Now we must proceed on our journey. Some of the countryside is well wooded, and in places we get near the edge of the Welsh hills and cross several pretty streams. But we are now in a region where industries have spoiled the appearance of the countryside. We never seem to get away from the clusters of factory chimneys, oil-refineries, iron- and copper-smelting works, and chemical factories—all of which darken and poison the air with their fumes and smoke. Ug- ly-looking slag-heaps have been piled up near many of the small towns, and even the streams are made dirty and discoloured by the waste products from the factories.
Passing through Aberavon and Neath, both smoky colliery towns, we approach the large port of Swansea. Here is the centre of Britain’s copper-smelting industry, and although we shall not stop long in the town the great iron- and copper-smelting works, the collieries, and the crowded cottages of the workers tell us what a busy place it is.
Swansea lies at the head of a large opening in the coast called Swansea Bay. It has many big docks, one being over 150 acres in extent.
Leaving the coal-sheds and the metal-works of Swansea behind us, we now pass by the Gower peninsula on our way to Fishguard. Soon we reach Carmarthenshire, coming to an important port called Llanelly. Here we say good-bye to the factories and chimneys of industrial South Wales. The line passes so near the shores of Carmarthen Bay that the long stretch of sands can be seen, with the waves breaking on the shore. After the smoky regions we have been passing through we are glad to feel the freshness of the salt breezes from the sea.

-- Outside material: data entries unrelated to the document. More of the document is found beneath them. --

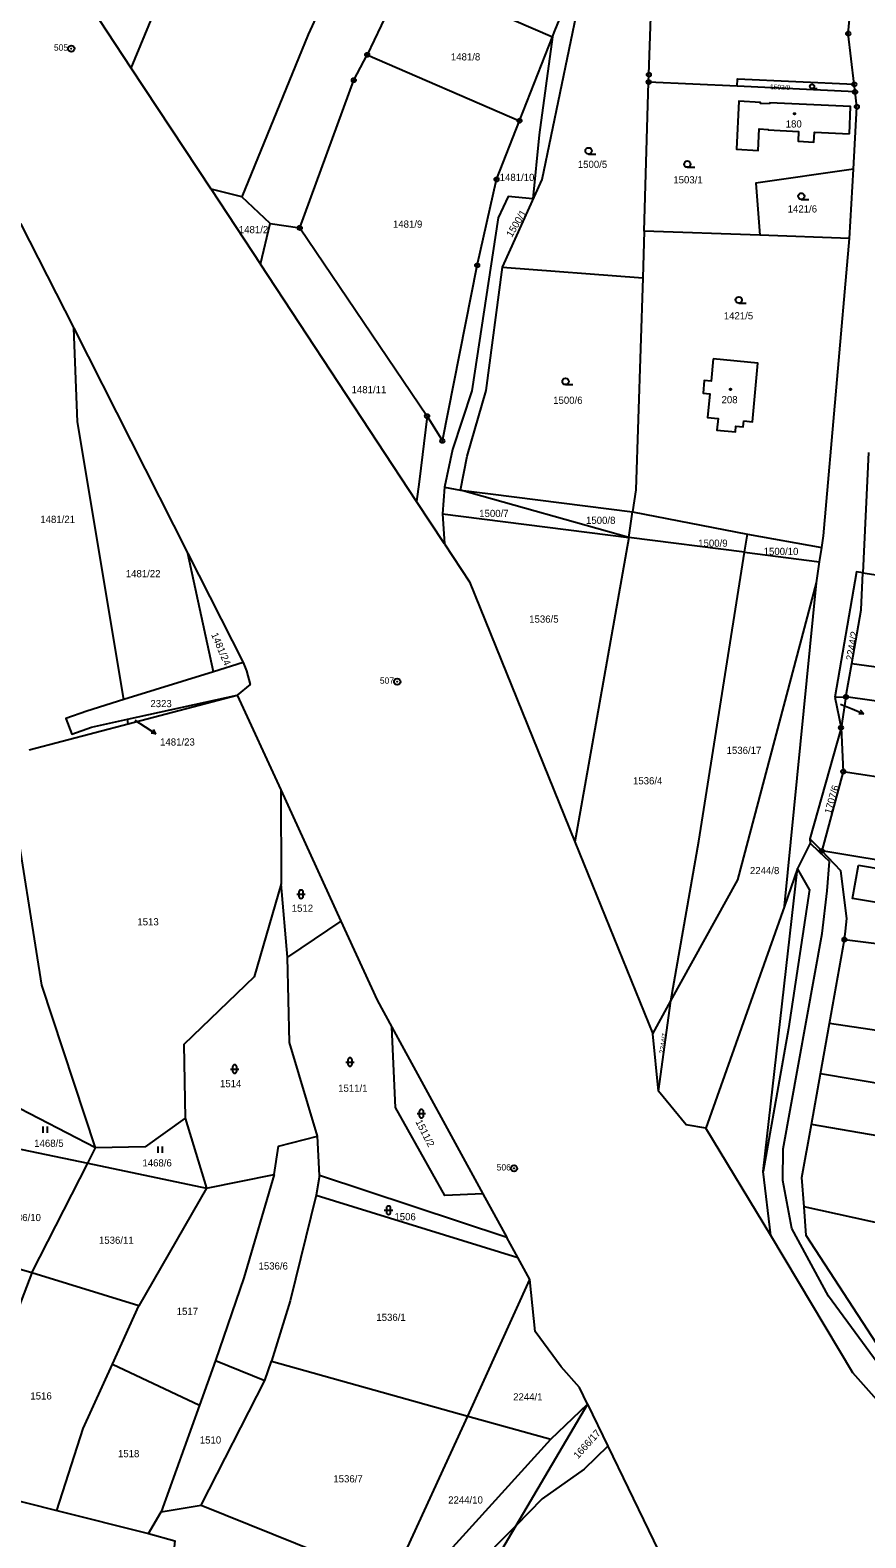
# Model space of a CAD drawing. Extents: x -725728 to -720881, y -1068679 to -1063504.
# Drawn here: x -723290.5 to -723092.7, y -1066402.9 to -1066046.1 of the extents above; entities that cross this region are included whole.
import ezdxf

# ---------------------------------------------------------------- set-up
doc = ezdxf.new("R2010")
doc.units = 0
for name, color, linetype in [('Hranice parcel', 7, 'Continuous'), ('Parcelní čísla', 7, 'Continuous'), ('Pop  PČ popisy', 7, 'Continuous'), ('Vnitřní kresba', 7, 'Continuous'), ('Značky bodu BP', 7, 'Continuous'), ('Značky budov', 7, 'Continuous'), ('Značky kultur', 7, 'Continuous')]:
    doc.layers.add(name, color=color, linetype=linetype)

# ---------------------------------------------------------------- blocks, each defined once
blk = doc.blocks.new('4.02_4')
at = {"layer": 'Značky budov'}
blk.add_circle((-0.001, 0), 0.0175, dxfattribs=at)
blk = doc.blocks.new('1029_117')
at = {"layer": 'Pop  PČ popisy'}
for p, q in [((0, 0), (0.276, -0.117)), ((0.276, -0.117), (0.164, -0.124)), ((0.276, -0.117), (0.204, -0.032))]:
    blk.add_line(p, q, dxfattribs=at)
blk = doc.blocks.new('1029_176')
at = {"layer": 'Pop  PČ popisy'}
for p, q in [((0, 0), (0.252, -0.163)), ((0.252, -0.163), (0.14, -0.151)), ((0.252, -0.163), (0.195, -0.067))]:
    blk.add_line(p, q, dxfattribs=at)
blk = doc.blocks.new('3.04_2')
at = {"layer": 'Značky kultur'}
blk.add_line((0.001, 0), (0.176, 0), dxfattribs=at)
blk.add_circle((0.001, 0.075), 0.075, dxfattribs=at)
blk = doc.blocks.new('3.16_3')
at = {"layer": 'Značky kultur'}
for p, q in [((-0.1, 0.1), (0.1, 0.1)), ((-0.05, 0.15), (-0.05, 0.05)), ((0.05, 0.05), (0.05, 0.15))]:
    blk.add_line(p, q, dxfattribs=at)
for centre, start, end in [((0, 0.15), 0, 180), ((0, 0.05), 180, 359.9879)]:
    blk.add_arc(centre, 0.05, start, end, dxfattribs=at)
blk = doc.blocks.new('3.16_2')
at = {"layer": 'Značky kultur'}
for p, q in [((-0.1, 0.1), (0.1, 0.1)), ((-0.05, 0.15), (-0.05, 0.05)), ((0.05, 0.05), (0.05, 0.15))]:
    blk.add_line(p, q, dxfattribs=at)
for centre, start, end in [((0, 0.15), 0, 180), ((0, 0.05), 180, 359.9879)]:
    blk.add_arc(centre, 0.05, start, end, dxfattribs=at)
blk = doc.blocks.new('3.04_4')
at = {"layer": 'Značky kultur'}
blk.add_line((0, 0), (0.118, 0), dxfattribs=at)
blk.add_circle((0, 0.05), 0.0502, dxfattribs=at)
blk = doc.blocks.new('3.06_1')
at = {"layer": 'Značky kultur'}
for p, q in [((-0.051, 0), (-0.051, 0.15)), ((0.049, 0), (0.049, 0.15))]:
    blk.add_line(p, q, dxfattribs=at)
blk = doc.blocks.new('1.01_1')
at = {"layer": 'Značky bodu BP'}
for radius in [0.075, 0.003]:
    blk.add_circle((0, 0), radius, dxfattribs=at)
blk = doc.blocks.new('1.05_1')
at = {"layer": 'Značky bodu BP'}
for radius in [0.05, 0.00303]:
    blk.add_circle((0, 0), radius, dxfattribs=at)
blk = doc.blocks.new('1.05_2')
at = {"layer": 'Značky bodu BP'}
for radius in [0.05, 0.00303]:
    blk.add_circle((0, 0), radius, dxfattribs=at)

msp = doc.modelspace()

# ---------------------------------------------------------------- linework, layer by layer
at = {"layer": 'Hranice parcel'}
for p, q in [((-723201.59, -1066032.7), (-723210.75, -1066051.97)), ((-723201.59, -1066032.7), (-723166.93, -1066047.71)), ((-723266.59, -1066055.14), (-723277.95, -1066037.89)), ((-723174.71, -1066067.58), (-723166.93, -1066047.71)), ((-723210.75, -1066051.97), (-723174.71, -1066067.58)), ((-723247.72, -1066083.8), (-723266.59, -1066055.14)), ((-723145.19, -1066093.7), (-723144.14, -1066058.44)), ((-723123.21, -1066059.43), (-723144.14, -1066058.44)), ((-723095.28, -1066060.75), (-723123.21, -1066059.43)), ((-723095.28, -1066060.75), (-723095.49, -1066058.96)), ((-723096.6, -1066095.41), (-723095.69, -1066079.02)), ((-723240.42, -1066085.57), (-723247.72, -1066083.8)), ((-723247.72, -1066083.8), (-723236.02, -1066101.56)), ((-723233.7, -1066091.89), (-723240.42, -1066085.57)), ((-723292.77, -1066091.87), (-723280.22, -1066116.65)), ((-723236.02, -1066101.56), (-723233.7, -1066091.89)), ((-723233.7, -1066091.89), (-723226.7, -1066092.94)), ((-723226.7, -1066092.94), (-723196.58, -1066137.49)), ((-723145.19, -1066093.7), (-723145.5, -1066104.76)), ((-723117.81, -1066094.66), (-723145.19, -1066093.7)), ((-723096.6, -1066095.41), (-723117.81, -1066094.66)), ((-723199.05, -1066157.71), (-723236.02, -1066101.56)), ((-723178.74, -1066102.26), (-723145.5, -1066104.76)), ((-723280.22, -1066116.65), (-723253.2, -1066169.99)), ((-723092.09, -1066146.13), (-723093.43, -1066174.58)), ((-723192.46, -1066154.33), (-723192.93, -1066160.62)), ((-723192.46, -1066154.33), (-723188.68, -1066154.97)), ((-723148.86, -1066166.23), (-723188.68, -1066154.97)), ((-723192.47, -1066167.7), (-723199.05, -1066157.71)), ((-723192.93, -1066160.62), (-723192.47, -1066167.7)), ((-723192.93, -1066160.62), (-723148.86, -1066166.23)), ((-723148.86, -1066166.23), (-723147.95, -1066160.12)), ((-723147.95, -1066160.12), (-723120.77, -1066165.42)), ((-723148.86, -1066166.23), (-723161.61, -1066238.2)), ((-723121.45, -1066169.69), (-723148.86, -1066166.23)), ((-723121.45, -1066169.69), (-723120.77, -1066165.42)), ((-723120.77, -1066165.42), (-723103.18, -1066168.56)), ((-723247.14, -1066198), (-723253.2, -1066169.99)), ((-723253.2, -1066169.99), (-723240.11, -1066195.82)), ((-723121.45, -1066169.69), (-723103.67, -1066171.93)), ((-723103.67, -1066171.93), (-723103.18, -1066168.56)), ((-723104.39, -1066176.91), (-723103.67, -1066171.93)), ((-723112.03, -1066253.46), (-723104.39, -1066176.91)), ((-723093.43, -1066174.58), (-723046.15, -1066181.81)), ((-723247.14, -1066198), (-723268.33, -1066204.57)), ((-723240.11, -1066195.82), (-723247.14, -1066198)), ((-723097.44, -1066203.92), (-723096.06, -1066196.04)), ((-723267.52, -1066209.22), (-723241.49, -1066203.53)), ((-723267.33, -1066210.31), (-723241.49, -1066203.53)), ((-723241.49, -1066203.53), (-723231.23, -1066225.92)), ((-723100.11, -1066204.03), (-723097.44, -1066203.92)), ((-723100.11, -1066204.03), (-723098.61, -1066211.22)), ((-723097.44, -1066203.92), (-723098.61, -1066211.22)), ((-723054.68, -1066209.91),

Turning north, the train approaches the hills and deep and narrow valleys with tree-covered slopes. The line winds up the Towy Valley, and soon we come to Carmarthen, with its ancient castle overlooking the town. There are many castles in this part of Wales. This one is now used as a prison.
As we cross Central Carmarthen we notice that it is a country of green pastures, wooded hills, and pleasant streams. Whitewashed cottages and thatched farmhouses are seen, and the numerous cattle in the fields again remind us of Devon.
On the wayside platforms we see dozens of milkchurns, for much milk is sent from here to the crowded industrial cities of South Wales through which we have just passed.
From The British Isles, book IV, London, 1933.